В переводе с казахского тастак - каменистая местность. Именно там началась разработка карьера, откуда миллионами тонн добывался гравийный материал. Можно смело утверждать, что из тастакского гравия построено больше половины всех фундаментов алматинских зданий. В начале семидесятых годов прошлого столетия карьер признали исчерпанным и соорудили на месте огромной выемки зону отдыха, которая названа "Сайран".
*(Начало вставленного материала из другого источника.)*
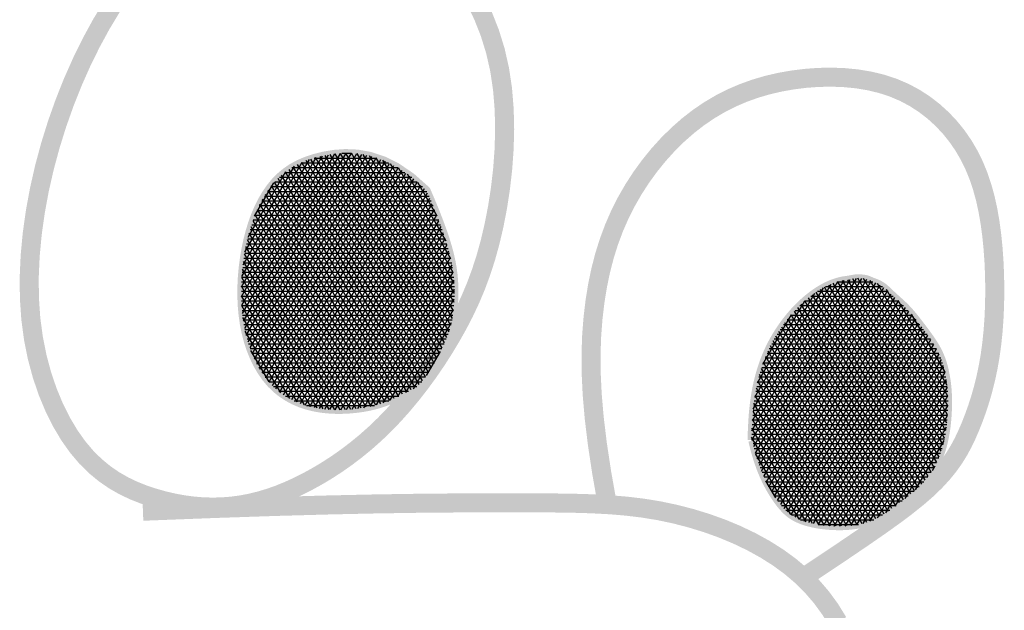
# Model space of a CAD drawing. Header units: feet. Extents: x 81 to 89.5, y 1935.2 to 1946.2.
# Tile 200 of 207: x 88.1554 to 88.2745, y 1937.1316 to 1937.203. Entities that reach past the tile are written whole.
import ezdxf

# ---------------------------------------------------------------- set-up
doc = ezdxf.new("R2010")
doc.units = ezdxf.units.FT
doc.header["$MEASUREMENT"] = 0
doc.layers.add('FACE', color=160, linetype='Continuous')

msp = doc.modelspace()

# ---------------------------------------------------------------- hatches: boundary and pattern name
at = {"layer": 'FACE', "linetype": 'Continuous'}
h = msp.add_hatch(dxfattribs=at)
h.set_pattern_fill('NET3', color=5, scale=0.004605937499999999, style=0)
h.set_pattern_definition([(0, (86.20943100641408, 1934.405467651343), (0, 0.0005757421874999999), []), (59.99999999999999, (86.20943100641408, 1934.405467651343), (-0.0004986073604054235, 0.00028787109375), []), (120, (86.20943100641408, 1934.405467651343), (-0.0004986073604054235, -0.0002878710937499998), [])])
h.paths.add_polyline_path([(88.20462108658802, 1937.182413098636), (88.20502820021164, 1937.18147187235), (88.20543608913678, 1937.180498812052), (88.20583680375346, 1937.179505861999), (88.20622239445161, 1937.178504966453), (88.20658491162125, 1937.177508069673), (88.20691640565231, 1937.176527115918), (88.20720892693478, 1937.175574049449), (88.20745452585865, 1937.174660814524), (88.20764759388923, 1937.173797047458), (88.20779188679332, 1937.17298315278), (88.20789350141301, 1937.17221722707), (88.20795853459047, 1937.171497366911), (88.2079930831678, 1937.170821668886), (88.20800324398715, 1937.170188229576), (88.20799511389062, 1937.169595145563), (88.20797478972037, 1937.169040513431), (88.20794697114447, 1937.168521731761), (88.20791076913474, 1937.168033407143), (88.20786389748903, 1937.167569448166), (88.2078040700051, 1937.16712376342), (88.20772900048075, 1937.166690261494), (88.2076364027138, 1937.166262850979), (88.20752399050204, 1937.165835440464), (88.20738947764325, 1937.165401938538), (88.2072314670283, 1937.164957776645), (88.20705211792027, 1937.164504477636), (88.20685447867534, 1937.164045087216), (88.20664159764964, 1937.163582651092), (88.20641652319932, 1937.163120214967), (88.20618230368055, 1937.162660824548), (88.20594198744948, 1937.162207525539), (88.20569862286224, 1937.161763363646), (88.20545486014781, 1937.161331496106), (88.2052117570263, 1937.160915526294), (88.20496997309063, 1937.160519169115), (88.20473016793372, 1937.160146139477), (88.20449300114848, 1937.159800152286), (88.20425913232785, 1937.159484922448), (88.20402922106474, 1937.159204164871), (88.20380392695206, 1937.158961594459), (88.20358321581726, 1937.158758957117), (88.2033642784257, 1937.158590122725), (88.20314361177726, 1937.158446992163), (88.20291771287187, 1937.158321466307), (88.20268307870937, 1937.158205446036), (88.2024362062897, 1937.158090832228), (88.20217359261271, 1937.157969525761), (88.2018917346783, 1937.157833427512), (88.20158677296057, 1937.157676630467), (88.2012534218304, 1937.157501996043), (88.20088603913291, 1937.157314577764), (88.20047898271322, 1937.157119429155), (88.2000266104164, 1937.156921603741), (88.19952328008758, 1937.156726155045), (88.19896334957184, 1937.156538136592), (88.1983411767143, 1937.156362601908), (88.19765381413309, 1937.156204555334), (88.19690909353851, 1937.156068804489), (88.19611754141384, 1937.155960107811), (88.19528968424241, 1937.155883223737), (88.19443604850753, 1937.155842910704), (88.19356716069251, 1937.155843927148), (88.19269354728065, 1937.155891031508), (88.19182573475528, 1937.15598898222), (88.19097312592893, 1937.156142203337), (88.19014062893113, 1937.156353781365), (88.18933202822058, 1937.15662646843), (88.18855110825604, 1937.156963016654), (88.18780165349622, 1937.15736617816), (88.1870874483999, 1937.157838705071), (88.18641227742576, 1937.15838334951), (88.18577992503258, 1937.159002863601), (88.18519381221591, 1937.159698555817), (88.18465590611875, 1937.160465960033), (88.1841678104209, 1937.161299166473), (88.18373112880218, 1937.162192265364), (88.18334746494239, 1937.16313934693), (88.18301842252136, 1937.164134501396), (88.1827456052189, 1937.165171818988), (88.18253061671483, 1937.166245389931), (88.18237436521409, 1937.167349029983), (88.1822749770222, 1937.168475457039), (88.18222988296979, 1937.169617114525), (88.18223651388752, 1937.17076644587), (88.18229230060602, 1937.171915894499), (88.18239467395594, 1937.173057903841), (88.1825410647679, 1937.174184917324), (88.18272890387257, 1937.175289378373), (88.1829561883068, 1937.176364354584), (88.18322317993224, 1937.177405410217), (88.18353070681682, 1937.178408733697), (88.18387959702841, 1937.179370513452), (88.1842706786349, 1937.180286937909), (88.18470477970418, 1937.181154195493), (88.18518272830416, 1937.181968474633), (88.1857053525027, 1937.182725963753), (88.18627476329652, 1937.183423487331), (88.18689820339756, 1937.184060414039), (88.18758419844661, 1937.184636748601), (88.18834127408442, 1937.185152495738), (88.18917795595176, 1937.185607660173), (88.19010276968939, 1937.186002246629), (88.19112424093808, 1937.186336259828), (88.1922508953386, 1937.186609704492), (88.19348842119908, 1937.186814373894), (88.19483115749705, 1937.186909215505), (88.19627060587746, 1937.186844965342), (88.1977982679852, 1937.186572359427), (88.19940564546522, 1937.186042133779), (88.20108423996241, 1937.185205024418), (88.20282555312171, 1937.184011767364)])
edge = h.paths.add_edge_path()
edge.add_line((88.24394079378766, 1937.152185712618), (88.24396928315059, 1937.153032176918))
edge.add_line((88.24396928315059, 1937.153032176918), (88.24400050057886, 1937.153766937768))
edge.add_line((88.24400050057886, 1937.153766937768), (88.24403409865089, 1937.154403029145))
edge.add_line((88.24403409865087, 1937.154403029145), (88.24406972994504, 1937.154953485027))
edge.add_line((88.24406972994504, 1937.154953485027), (88.24410704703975, 1937.155431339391))
edge.add_line((88.24410704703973, 1937.155431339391), (88.24414570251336, 1937.155849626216))
edge.add_line((88.24414570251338, 1937.155849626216), (88.24418534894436, 1937.156221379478))
edge.add_line((88.24418534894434, 1937.156221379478), (88.24422563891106, 1937.156559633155))
edge.add_line((88.24422563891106, 1937.156559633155), (88.24426631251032, 1937.156875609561))
edge.add_line((88.24426631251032, 1937.156875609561), (88.24430745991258, 1937.157173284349))
edge.add_line((88.24430745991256, 1937.157173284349), (88.24434925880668, 1937.15745482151))
edge.add_line((88.24434925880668, 1937.15745482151), (88.24439188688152, 1937.157722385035))
edge.add_line((88.24439188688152, 1937.157722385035), (88.24443552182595, 1937.157978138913))
edge.add_line((88.24443552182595, 1937.157978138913), (88.24448034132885, 1937.158224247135))
edge.add_line((88.24448034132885, 1937.158224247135), (88.24452652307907, 1937.15846287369))
edge.add_line((88.24452652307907, 1937.15846287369), (88.24457424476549, 1937.158696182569))
edge.add_line((88.24457424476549, 1937.158696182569), (88.24462364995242, 1937.158925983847))
edge.add_line((88.24462364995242, 1937.158925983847), (88.24467474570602, 1937.159152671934))
edge.add_line((88.24467474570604, 1937.159152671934), (88.24472750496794, 1937.159376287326))
edge.add_line((88.24472750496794, 1937.159376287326), (88.24478190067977, 1937.159596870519))
edge.add_line((88.24478190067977, 1937.159596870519), (88.24483790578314, 1937.159814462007))
edge.add_line((88.24483790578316, 1937.159814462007), (88.2448954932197, 1937.160029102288))
edge.add_line((88.24489549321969, 1937.160029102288), (88.24495463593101, 1937.160240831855))
edge.add_line((88.24495463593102, 1937.160240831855), (88.24501530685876, 1937.160449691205))
edge.add_line((88.24501530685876, 1937.160449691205), (88.24507747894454, 1937.160655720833))
edge.add_line((88.24507747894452, 1937.160655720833), (88.24514112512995, 1937.160858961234))
edge.add_line((88.24514112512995, 1937.160858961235), (88.24520621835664, 1937.161059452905))
edge.add_line((88.24520621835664, 1937.161059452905), (88.24527273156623, 1937.161257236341))
edge.add_line((88.24527273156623, 1937.161257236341), (88.24534063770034, 1937.161452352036))
edge.add_line((88.24534063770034, 1937.161452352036), (88.24540990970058, 1937.161644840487))
edge.add_line((88.24540990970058, 1937.161644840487), (88.2454805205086, 1937.16183474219))
edge.add_line((88.2454805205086, 1937.16183474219), (88.24555244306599, 1937.162022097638))
edge.add_line((88.24555244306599, 1937.162022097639), (88.24562565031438, 1937.16220694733))
edge.add_line((88.24562565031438, 1937.16220694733), (88.2457001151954, 1937.162389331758))
edge.add_line((88.2457001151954, 1937.162389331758), (88.24577581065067, 1937.16256929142))
edge.add_line((88.24577581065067, 1937.16256929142), (88.2458527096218, 1937.162746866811))
edge.add_line((88.24585270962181, 1937.162746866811), (88.24593078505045, 1937.162922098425))
edge.add_line((88.24593078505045, 1937.162922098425), (88.24601000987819, 1937.16309502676))
edge.add_line((88.24601000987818, 1937.16309502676), (88.24609035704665, 1937.16326569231))
edge.add_line((88.24609035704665, 1937.16326569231), (88.24617179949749, 1937.16343413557))
edge.add_line((88.24617179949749, 1937.16343413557), (88.2462543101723, 1937.163600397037))
edge.add_line((88.2462543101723, 1937.163600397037), (88.24633786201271, 1937.163764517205))
edge.add_line((88.24633786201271, 1937.163764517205), (88.24642242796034, 1937.16392653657))
edge.add_line((88.24642242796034, 1937.16392653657), (88.2465079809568, 1937.164086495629))
edge.add_line((88.2465079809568, 1937.164086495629), (88.24659449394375, 1937.164244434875))
edge.add_line((88.24659449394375, 1937.164244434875), (88.24668193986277, 1937.164400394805))
edge.add_line((88.24668193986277, 1937.164400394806), (88.2467702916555, 1937.164554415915))
edge.add_line((88.24677029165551, 1937.164554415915), (88.24685952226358, 1937.164706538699))
edge.add_line((88.24685952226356, 1937.164706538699), (88.24694960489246, 1937.164856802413))
edge.add_line((88.24694960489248, 1937.164856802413), (88.24704051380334, 1937.165005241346))
edge.add_line((88.24704051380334, 1937.165005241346), (88.24713222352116, 1937.165151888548))
edge.add_line((88.24713222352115, 1937.165151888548), (88.24722470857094, 1937.165296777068))
edge.add_line((88.24722470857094, 1937.165296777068), (88.24731794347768, 1937.165439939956))
edge.add_line((88.24731794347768, 1937.165439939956), (88.2474119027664, 1937.165581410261))
edge.add_line((88.2474119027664, 1937.165581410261), (88.2475065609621, 1937.165721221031))
edge.add_line((88.2475065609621, 1937.165721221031), (88.24760189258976, 1937.165859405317))
edge.add_line((88.24760189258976, 1937.165859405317), (88.24769787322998, 1937.165995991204))
edge.add_line((88.24769787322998, 1937.165995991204), (88.24779448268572, 1937.16613098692))
edge.add_line((88.24779448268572, 1937.16613098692), (88.24789170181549, 1937.166264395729))
edge.add_line((88.24789170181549, 1937.166264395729), (88.24798951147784, 1937.166396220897))
edge.add_line((88.24798951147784, 1937.166396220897), (88.24808789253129, 1937.166526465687))
edge.add_line((88.24808789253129, 1937.166526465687), (88.24818682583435, 1937.166655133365))
edge.add_line((88.24818682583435, 1937.166655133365), (88.2482862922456, 1937.166782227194))
edge.add_line((88.2482862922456, 1937.166782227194), (88.24838627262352, 1937.166907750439))
edge.add_line((88.24838627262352, 1937.166907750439), (88.24848674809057, 1937.167031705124))
edge.add_line((88.24848674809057, 1937.167031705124), (88.24858770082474, 1937.167154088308))
edge.add_line((88.24858770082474, 1937.167154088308), (88.24868911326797, 1937.167274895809))
edge.add_line((88.24868911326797, 1937.167274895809), (88.24879096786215, 1937.167394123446))
edge.add_line((88.24879096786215, 1937.167394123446), (88.2488932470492, 1937.167511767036))
edge.add_line((88.2488932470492, 1937.167511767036), (88.24899593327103, 1937.167627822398))
edge.add_line((88.24899593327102, 1937.167627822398), (88.24909900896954, 1937.167742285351))
edge.add_line((88.24909900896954, 1937.167742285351), (88.24920245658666, 1937.167855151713))
edge.add_line((88.24920245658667, 1937.167855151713), (88.24930625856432, 1937.167966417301))
edge.add_line((88.24930625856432, 1937.167966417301), (88.24941039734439, 1937.168076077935))
edge.add_line((88.24941039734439, 1937.168076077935), (88.2495148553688, 1937.168184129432))
edge.add_line((88.2495148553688, 1937.168184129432), (88.24961961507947, 1937.16829056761))
edge.add_line((88.24961961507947, 1937.16829056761), (88.2497246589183, 1937.168395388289))
edge.add_line((88.2497246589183, 1937.168395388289), (88.24982996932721, 1937.168498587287))
edge.add_line((88.24982996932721, 1937.168498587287), (88.2499355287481, 1937.168600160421))
edge.add_line((88.2499355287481, 1937.168600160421), (88.25004131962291, 1937.16870010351))
edge.add_line((88.25004131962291, 1937.16870010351), (88.25014732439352, 1937.168798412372))
edge.add_line((88.25014732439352, 1937.168798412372), (88.25025352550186, 1937.168895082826))
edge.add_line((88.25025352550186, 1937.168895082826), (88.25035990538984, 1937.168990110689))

В 2005 году началась застройка Тастака по новому плану, а в 2007 темпы работ стали замедляться, пока не заморозились вовсе. А посему улице Брусиловского и ее обитателям перемены не грозили.
В честь основоположника
Надо отметить, что в масштабе мировой музыки Евгений Григорьевич Брусиловский оценен не так высоко, как это было в Советском Союзе, - лауреат Государственной премии СССР за кантату "Советский Казахстан", кавалер ордена Ленина и других правительственных наград. Еще выше его заслуги оценены в Казахстане: народный артист Казахской ССР, лауреат Государственной премии Казахской Советской Социалистической Республики за одну из симфоний, названную "Курмангазы". Он соавтор Мукана Тулебаева и Латифа Хамиди по сочинению Гимна КазССР, автор музыки к первому музыкально-драматическому спектаклю "Айман Шолпан", в 1934 году поставленного на сцене труппой будущего оперного театра, и замечательной оперы"Кыз-Жибек", по сию пору демонстрируемой зрителю. В энциклопедиях об Евгении Брусиловском сказано: "…один из основоположников казахской советской профессиональной музыки", что, согласитесь, тоже немало. Вот и улицу уже в современном Алматы назвали в честь основоположника. А до 1996 года лишь мемориальная табличка на доме, где жил и творил композитор, рассказывала о нем, да портрет в Центральном концертном зале филармонии напоминал ученикам образ любимого учителя.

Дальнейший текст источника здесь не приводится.